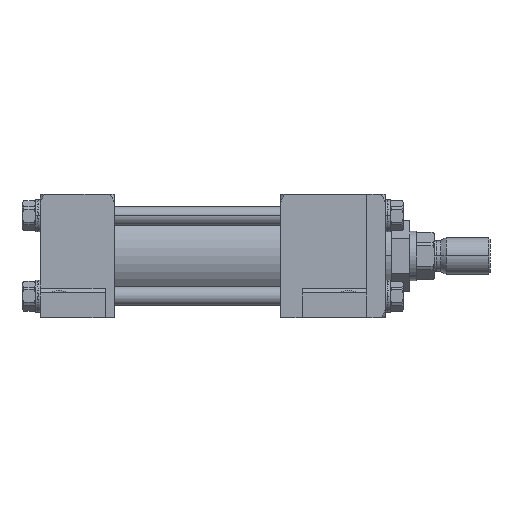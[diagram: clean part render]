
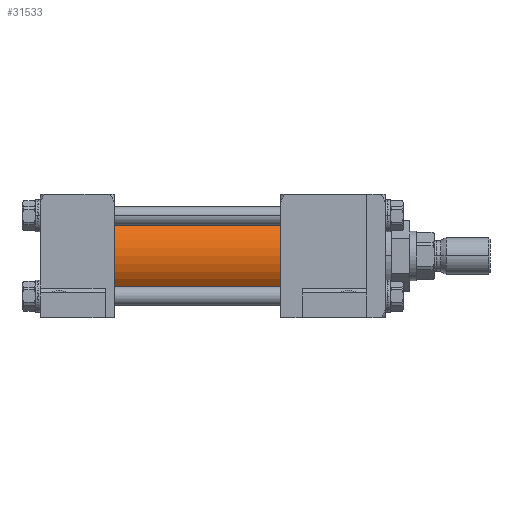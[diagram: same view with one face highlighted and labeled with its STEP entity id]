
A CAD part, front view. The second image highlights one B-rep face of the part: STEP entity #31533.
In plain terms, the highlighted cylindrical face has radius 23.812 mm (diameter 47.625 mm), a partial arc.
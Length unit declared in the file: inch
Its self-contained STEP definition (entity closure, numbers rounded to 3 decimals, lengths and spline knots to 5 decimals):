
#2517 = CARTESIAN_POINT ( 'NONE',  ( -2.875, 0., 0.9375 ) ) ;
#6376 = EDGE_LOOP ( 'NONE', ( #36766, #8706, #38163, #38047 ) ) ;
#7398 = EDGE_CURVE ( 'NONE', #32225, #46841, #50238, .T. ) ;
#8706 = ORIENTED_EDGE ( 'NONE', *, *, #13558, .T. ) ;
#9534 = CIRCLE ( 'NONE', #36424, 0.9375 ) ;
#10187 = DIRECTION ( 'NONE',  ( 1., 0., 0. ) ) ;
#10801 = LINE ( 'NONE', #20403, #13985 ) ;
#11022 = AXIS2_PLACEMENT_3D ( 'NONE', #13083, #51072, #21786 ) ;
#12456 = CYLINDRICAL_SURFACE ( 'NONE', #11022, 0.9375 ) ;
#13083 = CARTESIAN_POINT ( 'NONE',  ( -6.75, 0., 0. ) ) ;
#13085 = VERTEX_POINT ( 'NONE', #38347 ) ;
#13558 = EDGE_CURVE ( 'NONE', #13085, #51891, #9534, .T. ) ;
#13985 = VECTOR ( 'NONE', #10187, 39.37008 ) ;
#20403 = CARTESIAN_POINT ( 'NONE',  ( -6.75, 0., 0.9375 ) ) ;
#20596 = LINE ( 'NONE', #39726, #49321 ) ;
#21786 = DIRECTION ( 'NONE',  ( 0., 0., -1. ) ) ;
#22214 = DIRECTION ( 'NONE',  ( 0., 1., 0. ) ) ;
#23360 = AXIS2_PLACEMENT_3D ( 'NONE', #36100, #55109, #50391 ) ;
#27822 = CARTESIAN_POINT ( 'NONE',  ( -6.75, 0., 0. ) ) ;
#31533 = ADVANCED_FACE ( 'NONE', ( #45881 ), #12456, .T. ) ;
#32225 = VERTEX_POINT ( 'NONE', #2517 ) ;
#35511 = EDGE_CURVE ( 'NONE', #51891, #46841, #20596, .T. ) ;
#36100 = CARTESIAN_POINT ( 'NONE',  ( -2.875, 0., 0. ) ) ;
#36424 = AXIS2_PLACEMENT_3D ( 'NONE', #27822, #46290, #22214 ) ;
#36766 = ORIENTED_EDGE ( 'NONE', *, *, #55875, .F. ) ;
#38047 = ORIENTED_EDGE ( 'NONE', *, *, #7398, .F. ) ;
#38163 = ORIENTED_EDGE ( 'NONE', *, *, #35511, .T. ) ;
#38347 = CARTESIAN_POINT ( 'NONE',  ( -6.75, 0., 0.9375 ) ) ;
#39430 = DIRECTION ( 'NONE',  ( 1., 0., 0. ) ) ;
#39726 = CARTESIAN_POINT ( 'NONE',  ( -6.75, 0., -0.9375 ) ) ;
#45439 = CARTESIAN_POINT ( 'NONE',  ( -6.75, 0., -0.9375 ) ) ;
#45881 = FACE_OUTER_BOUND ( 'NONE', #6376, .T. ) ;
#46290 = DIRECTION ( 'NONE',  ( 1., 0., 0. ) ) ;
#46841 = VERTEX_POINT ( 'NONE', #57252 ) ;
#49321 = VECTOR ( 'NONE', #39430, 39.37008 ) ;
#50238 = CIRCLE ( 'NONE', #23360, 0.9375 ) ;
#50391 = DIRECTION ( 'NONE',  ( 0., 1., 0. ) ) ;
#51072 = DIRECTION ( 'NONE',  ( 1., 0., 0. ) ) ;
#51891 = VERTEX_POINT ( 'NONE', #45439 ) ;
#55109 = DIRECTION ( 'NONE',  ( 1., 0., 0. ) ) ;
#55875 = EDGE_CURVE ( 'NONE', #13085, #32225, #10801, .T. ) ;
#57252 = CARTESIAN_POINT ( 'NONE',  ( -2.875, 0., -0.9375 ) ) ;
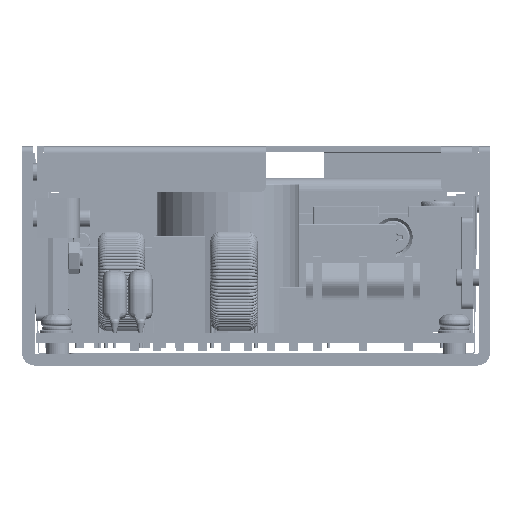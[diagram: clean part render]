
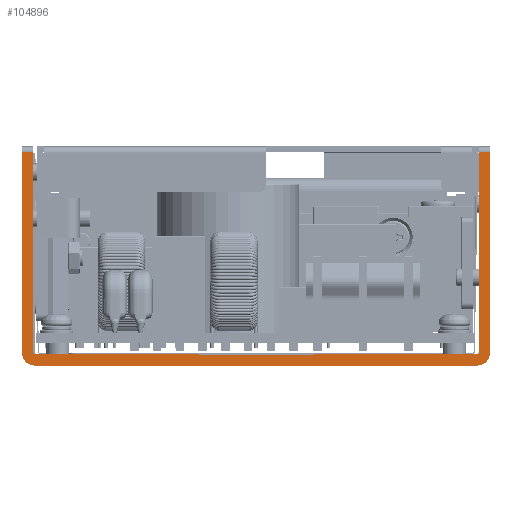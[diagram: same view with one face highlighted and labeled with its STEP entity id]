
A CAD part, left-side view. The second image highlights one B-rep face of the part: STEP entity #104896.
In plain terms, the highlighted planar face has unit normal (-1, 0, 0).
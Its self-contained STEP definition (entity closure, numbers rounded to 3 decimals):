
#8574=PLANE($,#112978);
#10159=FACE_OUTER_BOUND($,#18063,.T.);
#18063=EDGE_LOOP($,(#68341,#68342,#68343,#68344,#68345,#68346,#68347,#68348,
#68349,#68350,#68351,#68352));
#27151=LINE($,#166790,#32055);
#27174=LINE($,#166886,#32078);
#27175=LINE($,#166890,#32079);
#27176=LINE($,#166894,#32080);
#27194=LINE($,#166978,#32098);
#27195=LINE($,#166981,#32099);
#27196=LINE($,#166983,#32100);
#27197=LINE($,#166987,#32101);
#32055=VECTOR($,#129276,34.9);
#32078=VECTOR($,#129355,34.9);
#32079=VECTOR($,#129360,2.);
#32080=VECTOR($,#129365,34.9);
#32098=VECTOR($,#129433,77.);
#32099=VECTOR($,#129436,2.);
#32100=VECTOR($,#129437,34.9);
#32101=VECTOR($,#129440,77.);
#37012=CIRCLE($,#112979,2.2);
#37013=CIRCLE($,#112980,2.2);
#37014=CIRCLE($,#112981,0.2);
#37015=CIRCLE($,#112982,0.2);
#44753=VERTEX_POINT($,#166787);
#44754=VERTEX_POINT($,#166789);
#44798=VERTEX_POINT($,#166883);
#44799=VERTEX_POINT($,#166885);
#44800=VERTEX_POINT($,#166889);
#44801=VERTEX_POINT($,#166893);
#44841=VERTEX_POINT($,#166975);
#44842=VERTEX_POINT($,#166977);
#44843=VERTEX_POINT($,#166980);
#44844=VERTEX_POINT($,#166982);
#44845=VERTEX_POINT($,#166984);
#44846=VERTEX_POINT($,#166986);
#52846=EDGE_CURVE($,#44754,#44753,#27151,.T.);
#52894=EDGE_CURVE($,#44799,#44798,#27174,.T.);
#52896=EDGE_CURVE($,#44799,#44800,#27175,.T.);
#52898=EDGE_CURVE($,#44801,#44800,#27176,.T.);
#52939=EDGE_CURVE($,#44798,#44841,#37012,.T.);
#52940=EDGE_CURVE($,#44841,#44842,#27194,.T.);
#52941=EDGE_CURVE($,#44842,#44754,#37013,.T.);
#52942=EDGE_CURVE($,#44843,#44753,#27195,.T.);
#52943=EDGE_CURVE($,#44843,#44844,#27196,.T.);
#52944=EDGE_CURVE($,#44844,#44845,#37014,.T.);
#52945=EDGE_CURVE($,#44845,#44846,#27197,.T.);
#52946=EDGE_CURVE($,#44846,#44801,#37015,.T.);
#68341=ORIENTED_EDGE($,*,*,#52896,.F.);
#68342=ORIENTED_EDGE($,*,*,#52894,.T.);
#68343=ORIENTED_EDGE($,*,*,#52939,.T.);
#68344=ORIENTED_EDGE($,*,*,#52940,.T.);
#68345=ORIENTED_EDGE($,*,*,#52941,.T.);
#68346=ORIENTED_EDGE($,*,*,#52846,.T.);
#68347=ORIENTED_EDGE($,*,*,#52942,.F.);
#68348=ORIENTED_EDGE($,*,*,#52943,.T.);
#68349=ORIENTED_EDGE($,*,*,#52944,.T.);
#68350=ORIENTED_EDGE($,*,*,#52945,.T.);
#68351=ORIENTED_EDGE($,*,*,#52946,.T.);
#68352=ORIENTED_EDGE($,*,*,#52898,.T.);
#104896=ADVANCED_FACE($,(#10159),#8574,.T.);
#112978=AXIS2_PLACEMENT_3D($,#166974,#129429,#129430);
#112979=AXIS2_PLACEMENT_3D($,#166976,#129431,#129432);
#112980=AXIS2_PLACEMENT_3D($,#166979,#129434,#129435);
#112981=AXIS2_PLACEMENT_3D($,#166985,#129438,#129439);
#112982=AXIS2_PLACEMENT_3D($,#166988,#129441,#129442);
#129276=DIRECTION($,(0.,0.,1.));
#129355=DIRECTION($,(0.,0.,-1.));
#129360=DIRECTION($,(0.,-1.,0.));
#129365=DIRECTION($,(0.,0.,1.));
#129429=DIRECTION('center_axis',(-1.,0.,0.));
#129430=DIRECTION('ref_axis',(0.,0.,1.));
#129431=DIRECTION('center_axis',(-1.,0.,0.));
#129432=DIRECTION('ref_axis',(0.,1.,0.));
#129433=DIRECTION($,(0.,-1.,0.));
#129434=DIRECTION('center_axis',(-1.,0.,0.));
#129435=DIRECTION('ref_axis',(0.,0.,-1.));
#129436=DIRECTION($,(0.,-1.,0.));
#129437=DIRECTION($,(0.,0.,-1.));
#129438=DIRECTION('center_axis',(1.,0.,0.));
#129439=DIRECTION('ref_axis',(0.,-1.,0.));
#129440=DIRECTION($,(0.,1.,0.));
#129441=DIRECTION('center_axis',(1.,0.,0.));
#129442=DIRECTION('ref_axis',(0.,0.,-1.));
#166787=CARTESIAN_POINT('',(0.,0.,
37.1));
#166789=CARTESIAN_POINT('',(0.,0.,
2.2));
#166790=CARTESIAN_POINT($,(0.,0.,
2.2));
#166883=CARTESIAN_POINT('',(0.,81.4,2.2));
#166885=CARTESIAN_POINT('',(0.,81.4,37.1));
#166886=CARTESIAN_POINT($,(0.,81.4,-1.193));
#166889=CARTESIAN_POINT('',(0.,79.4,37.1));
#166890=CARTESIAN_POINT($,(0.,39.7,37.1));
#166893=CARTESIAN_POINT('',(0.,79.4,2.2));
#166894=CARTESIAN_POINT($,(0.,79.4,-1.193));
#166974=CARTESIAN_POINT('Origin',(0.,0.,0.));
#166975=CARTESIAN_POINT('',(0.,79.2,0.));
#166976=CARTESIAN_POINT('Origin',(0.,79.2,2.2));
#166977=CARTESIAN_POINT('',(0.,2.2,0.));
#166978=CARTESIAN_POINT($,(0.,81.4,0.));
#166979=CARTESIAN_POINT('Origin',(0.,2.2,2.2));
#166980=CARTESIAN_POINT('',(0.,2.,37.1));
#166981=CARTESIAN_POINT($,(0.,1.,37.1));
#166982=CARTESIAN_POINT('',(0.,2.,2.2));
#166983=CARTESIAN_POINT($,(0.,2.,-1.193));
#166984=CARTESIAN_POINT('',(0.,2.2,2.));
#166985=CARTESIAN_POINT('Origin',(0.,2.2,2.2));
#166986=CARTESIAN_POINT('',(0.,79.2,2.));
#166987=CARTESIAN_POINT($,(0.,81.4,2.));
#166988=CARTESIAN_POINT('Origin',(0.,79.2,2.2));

──────────

> **How to complete this task**
Scan the data above for the string "highlights" and copy each line where it appears.

> **Solution to the problem**
A CAD part, front view. The second image highlights one B-rep face of the part: STEP entity #31533.
A CAD part, left-side view. The second image highlights one B-rep face of the part: STEP entity #104896.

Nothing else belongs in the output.